— Exercise data —
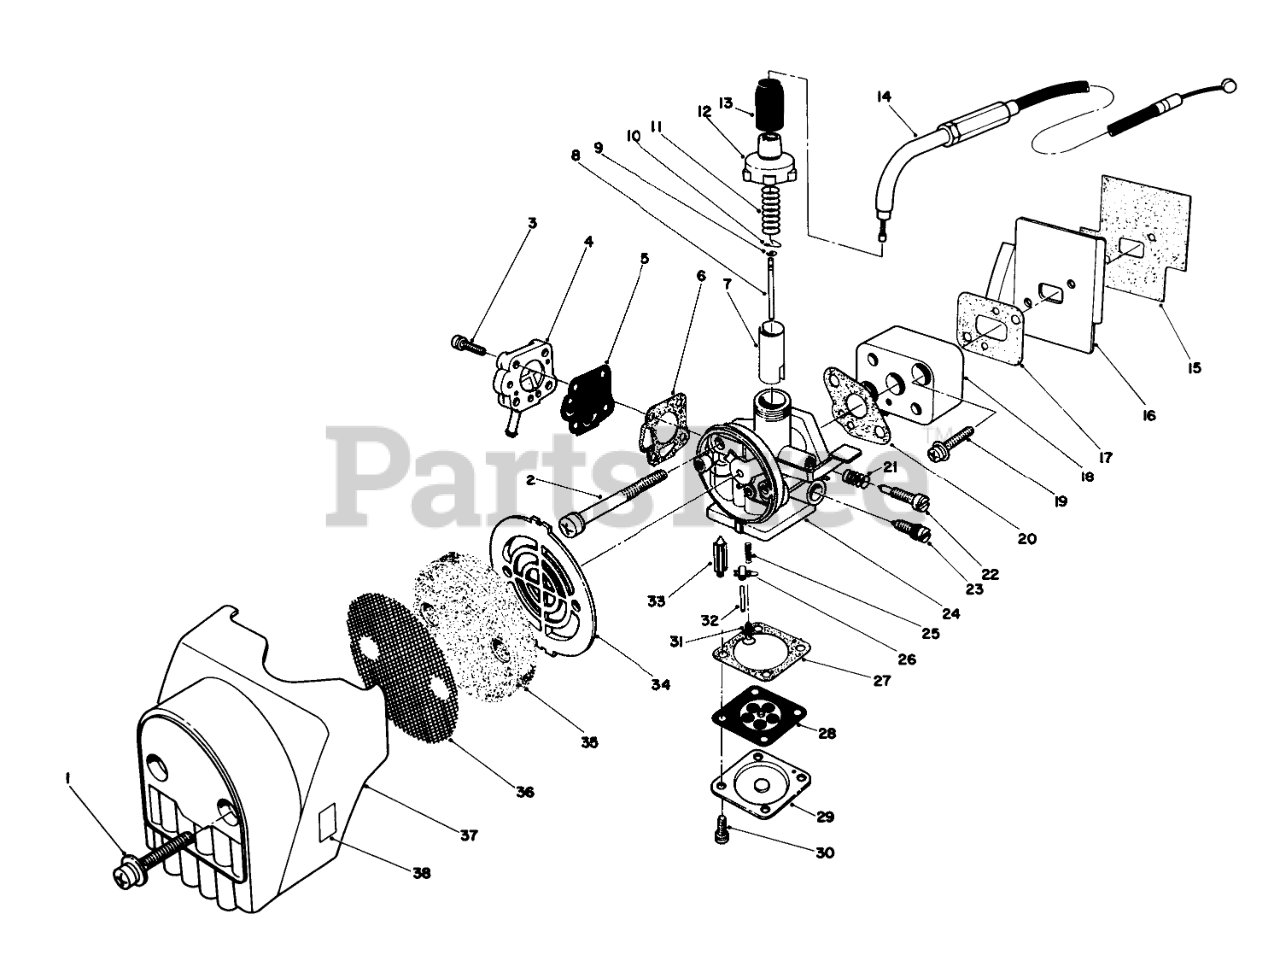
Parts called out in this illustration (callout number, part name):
1	Screw
2	SCREW W/ WASHER
3	SCREW W/ WASHER
4	PUMP COVER
5	PUMP DIAPHRAGM
6	PUMP COVER GASKET
7	Valve-Throttle
8	NEEDLE JET
9	Retainer
10	NEEDLE CUP
11	SPRING
13	AIR SEAL
14	Wire-Throttle
15	Gasket
16	Plate
17	INSULATOR GASKET
18	Insulator
19	Screw
20	CARB. GASKET
21	ADJ. SCREW SPRING
22	Screw-Adjusting
23	MAIN NEEDLE
24	Carburetor Assembly (Incl. Ref. #3-13, 21-23, & 25-33)
25	VALVE SPRING
26	FLOAT ARM
27	DIAPHRAGM GASKET
28	MAIN DIAPHRAGM
29	DIAPHRAGM COVER
30	SCREW W/ WASHER
31	FLOAT SCREW
32	FLOAT PIN
33	FLOAT VALVE
35	ELEMENT
36	SCREEN
37	CLEANER COVER
38	CHOKE LABEL

— Prompt —
Every record is to be restated word for word, with the pictures left out.

— Completed task —
Parts called out in this illustration (callout number, part name):
1	Screw
2	SCREW W/ WASHER
3	SCREW W/ WASHER
4	PUMP COVER
5	PUMP DIAPHRAGM
6	PUMP COVER GASKET
7	Valve-Throttle
8	NEEDLE JET
9	Retainer
10	NEEDLE CUP
11	SPRING
13	AIR SEAL
14	Wire-Throttle
15	Gasket
16	Plate
17	INSULATOR GASKET
18	Insulator
19	Screw
20	CARB. GASKET
21	ADJ. SCREW SPRING
22	Screw-Adjusting
23	MAIN NEEDLE
24	Carburetor Assembly (Incl. Ref. #3-13, 21-23, & 25-33)
25	VALVE SPRING
26	FLOAT ARM
27	DIAPHRAGM GASKET
28	MAIN DIAPHRAGM
29	DIAPHRAGM COVER
30	SCREW W/ WASHER
31	FLOAT SCREW
32	FLOAT PIN
33	FLOAT VALVE
35	ELEMENT
36	SCREEN
37	CLEANER COVER
38	CHOKE LABEL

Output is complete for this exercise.